Task details: What you output must be the exact lines from the first line of the data through the one holding "-1.5, 3, -1.5])", with no pictures.

Saved entries:
◆ ◆ ◆ ◆ ◆

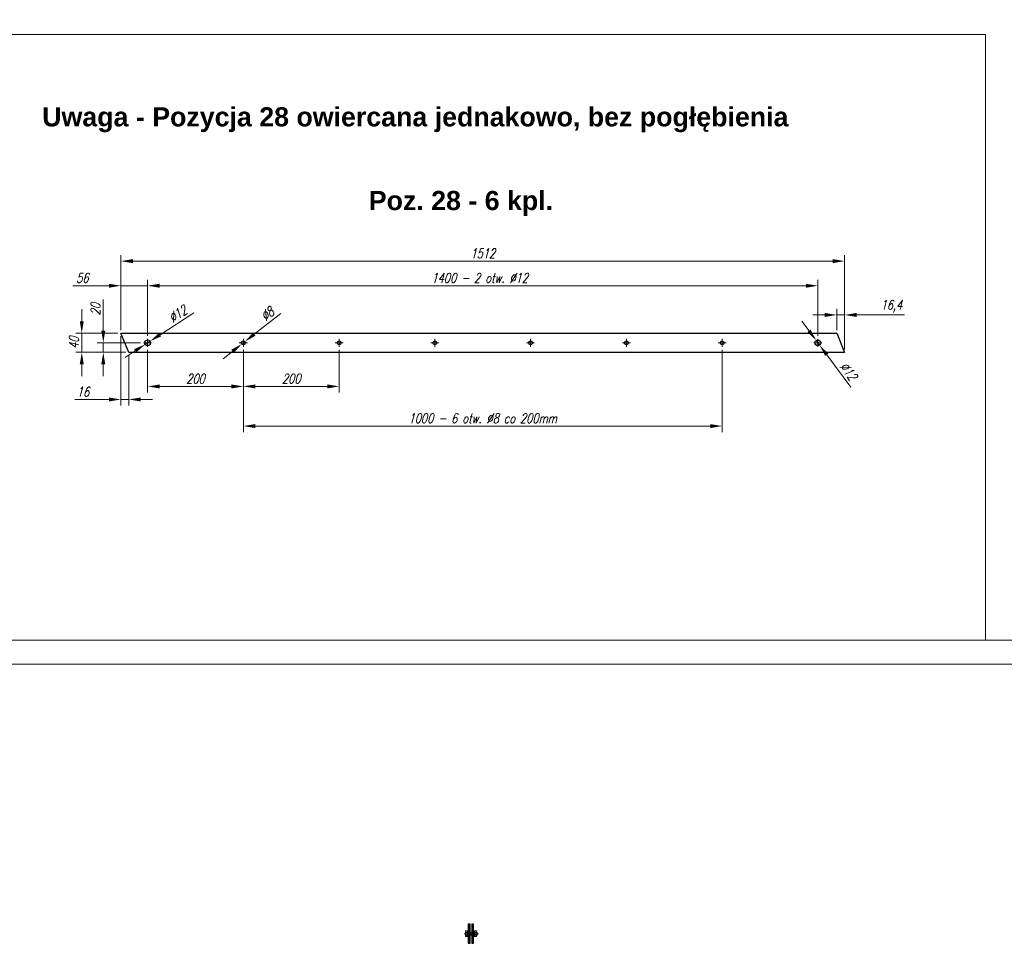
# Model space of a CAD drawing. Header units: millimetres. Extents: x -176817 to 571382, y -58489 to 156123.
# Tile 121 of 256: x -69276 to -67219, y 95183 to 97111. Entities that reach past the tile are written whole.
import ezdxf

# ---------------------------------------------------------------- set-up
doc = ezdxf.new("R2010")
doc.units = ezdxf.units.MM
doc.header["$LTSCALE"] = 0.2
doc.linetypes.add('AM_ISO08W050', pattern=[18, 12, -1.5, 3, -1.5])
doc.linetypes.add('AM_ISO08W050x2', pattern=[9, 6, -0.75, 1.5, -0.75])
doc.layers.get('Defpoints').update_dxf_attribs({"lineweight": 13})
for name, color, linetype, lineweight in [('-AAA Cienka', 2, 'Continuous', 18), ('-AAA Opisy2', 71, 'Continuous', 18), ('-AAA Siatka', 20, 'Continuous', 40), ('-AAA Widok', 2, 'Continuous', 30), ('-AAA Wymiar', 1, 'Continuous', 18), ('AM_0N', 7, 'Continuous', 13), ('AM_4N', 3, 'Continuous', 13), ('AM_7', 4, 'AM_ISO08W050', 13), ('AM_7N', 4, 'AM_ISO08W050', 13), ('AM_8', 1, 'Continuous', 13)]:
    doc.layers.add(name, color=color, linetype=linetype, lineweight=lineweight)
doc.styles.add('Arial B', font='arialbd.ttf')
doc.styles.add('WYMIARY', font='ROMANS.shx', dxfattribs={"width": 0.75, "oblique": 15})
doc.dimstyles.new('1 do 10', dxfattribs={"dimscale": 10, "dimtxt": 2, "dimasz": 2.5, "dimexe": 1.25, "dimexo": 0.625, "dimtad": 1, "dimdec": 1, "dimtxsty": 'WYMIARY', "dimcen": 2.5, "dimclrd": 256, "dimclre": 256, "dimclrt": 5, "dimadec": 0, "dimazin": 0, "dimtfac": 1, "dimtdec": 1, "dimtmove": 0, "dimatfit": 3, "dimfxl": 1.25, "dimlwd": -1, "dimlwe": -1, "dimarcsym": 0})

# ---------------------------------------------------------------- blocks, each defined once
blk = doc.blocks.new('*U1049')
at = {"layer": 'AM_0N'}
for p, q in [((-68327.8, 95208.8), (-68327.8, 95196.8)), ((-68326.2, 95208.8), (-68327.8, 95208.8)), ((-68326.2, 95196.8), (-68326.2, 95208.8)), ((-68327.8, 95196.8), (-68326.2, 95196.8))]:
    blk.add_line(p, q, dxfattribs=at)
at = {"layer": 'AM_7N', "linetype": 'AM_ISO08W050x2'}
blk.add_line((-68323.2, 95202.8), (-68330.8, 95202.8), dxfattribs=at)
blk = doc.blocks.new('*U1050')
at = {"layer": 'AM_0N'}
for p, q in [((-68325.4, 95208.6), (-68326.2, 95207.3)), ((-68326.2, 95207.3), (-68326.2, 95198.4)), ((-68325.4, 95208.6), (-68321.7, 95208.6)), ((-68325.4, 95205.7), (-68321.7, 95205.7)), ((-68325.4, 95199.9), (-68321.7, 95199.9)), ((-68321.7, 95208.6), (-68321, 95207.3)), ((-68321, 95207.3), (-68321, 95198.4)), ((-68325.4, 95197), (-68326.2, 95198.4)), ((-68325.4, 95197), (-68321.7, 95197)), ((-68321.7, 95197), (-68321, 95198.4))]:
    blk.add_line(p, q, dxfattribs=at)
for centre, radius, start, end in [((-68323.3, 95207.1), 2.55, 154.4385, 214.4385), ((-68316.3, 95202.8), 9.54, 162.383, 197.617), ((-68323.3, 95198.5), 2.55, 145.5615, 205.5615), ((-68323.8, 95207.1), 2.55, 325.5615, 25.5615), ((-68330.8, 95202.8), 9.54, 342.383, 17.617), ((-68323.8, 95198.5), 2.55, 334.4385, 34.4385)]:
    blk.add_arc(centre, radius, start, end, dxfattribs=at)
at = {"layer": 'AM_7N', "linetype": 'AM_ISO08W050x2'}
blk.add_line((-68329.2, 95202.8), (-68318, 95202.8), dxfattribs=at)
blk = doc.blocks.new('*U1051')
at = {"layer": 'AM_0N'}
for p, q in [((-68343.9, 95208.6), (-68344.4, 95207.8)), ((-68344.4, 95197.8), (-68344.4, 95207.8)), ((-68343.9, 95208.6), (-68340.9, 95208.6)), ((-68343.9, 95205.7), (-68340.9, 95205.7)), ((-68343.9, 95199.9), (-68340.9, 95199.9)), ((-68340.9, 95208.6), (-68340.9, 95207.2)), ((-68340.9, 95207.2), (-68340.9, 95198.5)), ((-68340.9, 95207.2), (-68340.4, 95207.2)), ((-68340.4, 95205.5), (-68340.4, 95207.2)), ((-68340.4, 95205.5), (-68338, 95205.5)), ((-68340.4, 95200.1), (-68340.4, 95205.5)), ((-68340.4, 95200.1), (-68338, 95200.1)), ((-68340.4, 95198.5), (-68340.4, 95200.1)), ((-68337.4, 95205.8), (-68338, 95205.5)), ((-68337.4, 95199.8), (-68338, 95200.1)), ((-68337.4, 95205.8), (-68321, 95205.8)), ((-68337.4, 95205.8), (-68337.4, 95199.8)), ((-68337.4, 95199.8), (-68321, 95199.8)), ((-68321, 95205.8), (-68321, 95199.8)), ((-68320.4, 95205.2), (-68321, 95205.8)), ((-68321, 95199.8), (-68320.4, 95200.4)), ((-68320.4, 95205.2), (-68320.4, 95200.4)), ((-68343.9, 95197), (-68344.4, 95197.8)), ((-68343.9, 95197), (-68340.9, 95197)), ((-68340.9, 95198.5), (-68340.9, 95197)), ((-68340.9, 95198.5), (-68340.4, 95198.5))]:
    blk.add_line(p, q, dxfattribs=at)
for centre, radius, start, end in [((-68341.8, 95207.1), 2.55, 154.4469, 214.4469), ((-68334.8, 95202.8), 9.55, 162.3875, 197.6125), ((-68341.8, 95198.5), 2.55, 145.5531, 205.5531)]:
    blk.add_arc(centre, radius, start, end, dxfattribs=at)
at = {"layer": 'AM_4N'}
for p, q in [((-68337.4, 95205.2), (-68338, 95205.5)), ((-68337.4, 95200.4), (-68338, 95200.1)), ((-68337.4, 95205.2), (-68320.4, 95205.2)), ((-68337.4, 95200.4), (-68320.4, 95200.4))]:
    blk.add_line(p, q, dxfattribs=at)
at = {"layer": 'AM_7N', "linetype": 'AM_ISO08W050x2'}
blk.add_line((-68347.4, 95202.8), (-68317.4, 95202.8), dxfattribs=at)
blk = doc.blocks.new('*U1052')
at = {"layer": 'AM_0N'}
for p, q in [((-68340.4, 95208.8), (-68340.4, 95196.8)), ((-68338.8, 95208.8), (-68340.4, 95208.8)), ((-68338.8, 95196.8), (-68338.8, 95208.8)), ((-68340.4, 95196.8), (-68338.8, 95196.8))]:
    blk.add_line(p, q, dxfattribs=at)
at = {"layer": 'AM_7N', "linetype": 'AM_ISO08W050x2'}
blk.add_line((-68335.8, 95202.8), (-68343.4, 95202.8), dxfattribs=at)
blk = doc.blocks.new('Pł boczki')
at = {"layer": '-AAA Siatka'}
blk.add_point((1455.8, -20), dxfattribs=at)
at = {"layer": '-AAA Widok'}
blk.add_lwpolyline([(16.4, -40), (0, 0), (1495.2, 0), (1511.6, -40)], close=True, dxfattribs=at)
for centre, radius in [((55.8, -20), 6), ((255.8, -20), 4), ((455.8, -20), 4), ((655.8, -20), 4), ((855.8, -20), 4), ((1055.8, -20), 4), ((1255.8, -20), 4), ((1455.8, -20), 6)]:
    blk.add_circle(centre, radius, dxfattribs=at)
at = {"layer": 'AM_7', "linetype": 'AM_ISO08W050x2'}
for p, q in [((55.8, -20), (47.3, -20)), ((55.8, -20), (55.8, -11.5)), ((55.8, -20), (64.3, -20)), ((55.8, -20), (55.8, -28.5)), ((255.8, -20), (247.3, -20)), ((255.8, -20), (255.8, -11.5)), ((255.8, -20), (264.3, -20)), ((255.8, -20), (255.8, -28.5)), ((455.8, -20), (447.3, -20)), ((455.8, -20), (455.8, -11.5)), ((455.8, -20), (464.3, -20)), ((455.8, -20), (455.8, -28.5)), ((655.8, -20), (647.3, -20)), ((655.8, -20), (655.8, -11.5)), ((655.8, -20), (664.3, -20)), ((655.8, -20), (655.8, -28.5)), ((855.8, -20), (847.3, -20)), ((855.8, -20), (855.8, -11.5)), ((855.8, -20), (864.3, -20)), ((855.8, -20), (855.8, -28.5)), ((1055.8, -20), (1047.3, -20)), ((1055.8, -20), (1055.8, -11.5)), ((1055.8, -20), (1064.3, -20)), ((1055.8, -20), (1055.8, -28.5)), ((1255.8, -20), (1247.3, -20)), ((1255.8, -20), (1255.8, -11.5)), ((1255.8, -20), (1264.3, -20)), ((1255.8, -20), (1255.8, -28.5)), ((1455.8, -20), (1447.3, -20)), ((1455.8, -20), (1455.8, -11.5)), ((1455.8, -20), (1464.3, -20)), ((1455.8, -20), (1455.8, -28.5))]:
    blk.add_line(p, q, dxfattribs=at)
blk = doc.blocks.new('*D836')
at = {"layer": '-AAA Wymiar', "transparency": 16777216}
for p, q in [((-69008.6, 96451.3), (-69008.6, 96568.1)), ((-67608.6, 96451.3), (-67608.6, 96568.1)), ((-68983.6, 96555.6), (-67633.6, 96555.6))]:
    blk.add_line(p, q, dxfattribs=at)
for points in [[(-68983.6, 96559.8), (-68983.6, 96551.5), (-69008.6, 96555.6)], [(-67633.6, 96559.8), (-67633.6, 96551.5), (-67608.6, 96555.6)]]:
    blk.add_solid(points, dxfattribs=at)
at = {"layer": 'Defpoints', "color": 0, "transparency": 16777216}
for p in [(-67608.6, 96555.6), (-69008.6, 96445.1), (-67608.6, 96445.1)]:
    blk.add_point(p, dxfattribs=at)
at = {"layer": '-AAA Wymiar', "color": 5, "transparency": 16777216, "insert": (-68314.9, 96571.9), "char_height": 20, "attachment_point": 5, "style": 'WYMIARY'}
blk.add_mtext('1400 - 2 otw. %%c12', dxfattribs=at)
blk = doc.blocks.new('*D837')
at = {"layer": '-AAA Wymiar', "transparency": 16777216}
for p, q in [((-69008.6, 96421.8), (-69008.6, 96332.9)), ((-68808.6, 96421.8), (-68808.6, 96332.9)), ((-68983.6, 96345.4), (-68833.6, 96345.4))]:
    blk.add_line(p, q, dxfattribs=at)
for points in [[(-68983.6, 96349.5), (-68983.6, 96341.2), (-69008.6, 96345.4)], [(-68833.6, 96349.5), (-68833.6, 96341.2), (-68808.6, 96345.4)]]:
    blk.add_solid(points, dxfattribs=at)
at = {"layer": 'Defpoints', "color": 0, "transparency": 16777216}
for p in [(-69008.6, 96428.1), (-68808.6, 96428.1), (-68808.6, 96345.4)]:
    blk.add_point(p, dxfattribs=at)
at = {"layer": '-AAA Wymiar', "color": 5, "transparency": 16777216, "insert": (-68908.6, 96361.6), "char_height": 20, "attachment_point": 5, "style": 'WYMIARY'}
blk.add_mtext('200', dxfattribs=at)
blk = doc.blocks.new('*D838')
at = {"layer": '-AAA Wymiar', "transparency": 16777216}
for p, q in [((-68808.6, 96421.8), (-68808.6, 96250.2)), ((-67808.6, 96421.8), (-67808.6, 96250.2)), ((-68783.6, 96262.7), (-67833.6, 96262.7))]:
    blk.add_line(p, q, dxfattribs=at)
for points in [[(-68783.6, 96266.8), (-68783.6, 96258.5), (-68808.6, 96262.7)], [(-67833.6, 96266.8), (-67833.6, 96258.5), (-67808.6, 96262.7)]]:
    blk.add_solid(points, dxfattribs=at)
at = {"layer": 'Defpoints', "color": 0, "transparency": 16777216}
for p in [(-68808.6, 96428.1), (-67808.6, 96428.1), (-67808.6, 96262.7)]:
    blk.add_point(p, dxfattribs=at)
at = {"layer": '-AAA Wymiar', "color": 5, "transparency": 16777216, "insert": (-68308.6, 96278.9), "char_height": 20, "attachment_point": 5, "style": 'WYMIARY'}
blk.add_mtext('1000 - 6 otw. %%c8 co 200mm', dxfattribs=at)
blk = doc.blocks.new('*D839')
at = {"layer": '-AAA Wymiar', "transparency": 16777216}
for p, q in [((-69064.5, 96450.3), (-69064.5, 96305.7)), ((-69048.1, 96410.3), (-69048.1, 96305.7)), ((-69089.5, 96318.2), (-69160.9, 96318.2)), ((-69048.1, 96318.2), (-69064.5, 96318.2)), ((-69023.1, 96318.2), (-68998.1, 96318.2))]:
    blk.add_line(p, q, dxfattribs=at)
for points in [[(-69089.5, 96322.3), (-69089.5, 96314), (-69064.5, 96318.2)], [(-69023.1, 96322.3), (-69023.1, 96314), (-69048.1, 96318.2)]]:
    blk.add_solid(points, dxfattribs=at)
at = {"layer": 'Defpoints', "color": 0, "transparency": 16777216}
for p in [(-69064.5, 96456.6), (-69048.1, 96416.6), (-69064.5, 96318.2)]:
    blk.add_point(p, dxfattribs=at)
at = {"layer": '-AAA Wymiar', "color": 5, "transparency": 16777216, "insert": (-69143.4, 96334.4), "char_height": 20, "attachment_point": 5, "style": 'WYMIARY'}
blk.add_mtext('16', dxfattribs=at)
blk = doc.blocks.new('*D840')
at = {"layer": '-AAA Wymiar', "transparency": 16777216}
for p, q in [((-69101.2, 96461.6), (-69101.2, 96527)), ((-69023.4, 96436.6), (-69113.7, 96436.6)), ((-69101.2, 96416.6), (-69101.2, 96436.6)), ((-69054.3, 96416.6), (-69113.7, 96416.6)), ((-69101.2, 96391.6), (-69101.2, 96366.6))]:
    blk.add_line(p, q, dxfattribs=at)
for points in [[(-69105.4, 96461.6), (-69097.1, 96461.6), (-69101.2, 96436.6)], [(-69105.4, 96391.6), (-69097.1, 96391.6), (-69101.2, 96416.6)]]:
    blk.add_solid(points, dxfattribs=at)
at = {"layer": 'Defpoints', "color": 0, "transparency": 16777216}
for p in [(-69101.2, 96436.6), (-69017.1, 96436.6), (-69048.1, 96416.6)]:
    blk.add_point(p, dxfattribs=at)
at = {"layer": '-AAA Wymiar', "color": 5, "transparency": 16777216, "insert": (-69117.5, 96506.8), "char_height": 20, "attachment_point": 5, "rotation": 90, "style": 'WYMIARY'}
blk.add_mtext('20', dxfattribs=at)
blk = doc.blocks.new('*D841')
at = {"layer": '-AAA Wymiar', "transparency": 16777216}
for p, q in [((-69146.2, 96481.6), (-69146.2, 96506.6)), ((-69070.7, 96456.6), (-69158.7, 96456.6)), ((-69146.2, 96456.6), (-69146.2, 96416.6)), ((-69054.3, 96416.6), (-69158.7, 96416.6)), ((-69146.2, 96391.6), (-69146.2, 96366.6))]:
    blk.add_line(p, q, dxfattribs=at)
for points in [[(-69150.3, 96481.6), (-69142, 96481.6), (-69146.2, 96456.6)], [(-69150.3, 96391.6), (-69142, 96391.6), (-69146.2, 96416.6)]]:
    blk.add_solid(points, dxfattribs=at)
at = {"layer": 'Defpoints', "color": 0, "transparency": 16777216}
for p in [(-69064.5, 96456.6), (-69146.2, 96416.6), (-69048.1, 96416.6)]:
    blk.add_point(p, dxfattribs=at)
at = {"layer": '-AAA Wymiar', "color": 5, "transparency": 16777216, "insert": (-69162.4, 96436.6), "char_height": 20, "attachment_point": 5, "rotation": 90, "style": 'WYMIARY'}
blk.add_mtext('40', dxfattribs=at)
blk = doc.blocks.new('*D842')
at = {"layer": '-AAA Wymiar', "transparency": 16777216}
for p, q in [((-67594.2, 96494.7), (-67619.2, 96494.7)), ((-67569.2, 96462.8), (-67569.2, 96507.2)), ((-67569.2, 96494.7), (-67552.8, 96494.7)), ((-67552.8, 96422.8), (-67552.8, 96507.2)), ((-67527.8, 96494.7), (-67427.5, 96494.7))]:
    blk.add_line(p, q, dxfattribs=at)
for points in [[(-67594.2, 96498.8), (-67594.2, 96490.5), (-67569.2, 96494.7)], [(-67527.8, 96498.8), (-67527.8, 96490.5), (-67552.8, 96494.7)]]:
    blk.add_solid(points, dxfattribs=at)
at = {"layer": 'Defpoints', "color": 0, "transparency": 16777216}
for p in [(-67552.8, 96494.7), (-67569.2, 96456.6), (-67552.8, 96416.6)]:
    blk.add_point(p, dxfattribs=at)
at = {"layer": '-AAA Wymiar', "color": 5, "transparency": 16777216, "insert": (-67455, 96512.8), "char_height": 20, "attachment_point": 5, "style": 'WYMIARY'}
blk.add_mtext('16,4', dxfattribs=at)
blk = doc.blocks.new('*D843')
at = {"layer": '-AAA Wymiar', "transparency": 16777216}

◆ ◆ ◆ ◆ ◆

Written solution:
# Model space of a CAD drawing. Header units: millimetres. Extents: x -176817 to 571382, y -58489 to 156123.
# Tile 121 of 256: x -69276 to -67219, y 95183 to 97111. Entities that reach past the tile are written whole.
import ezdxf

# ---------------------------------------------------------------- set-up
doc = ezdxf.new("R2010")
doc.units = ezdxf.units.MM
doc.header["$LTSCALE"] = 0.2
doc.linetypes.add('AM_ISO08W050', pattern=[18, 12, -1.5, 3, -1.5])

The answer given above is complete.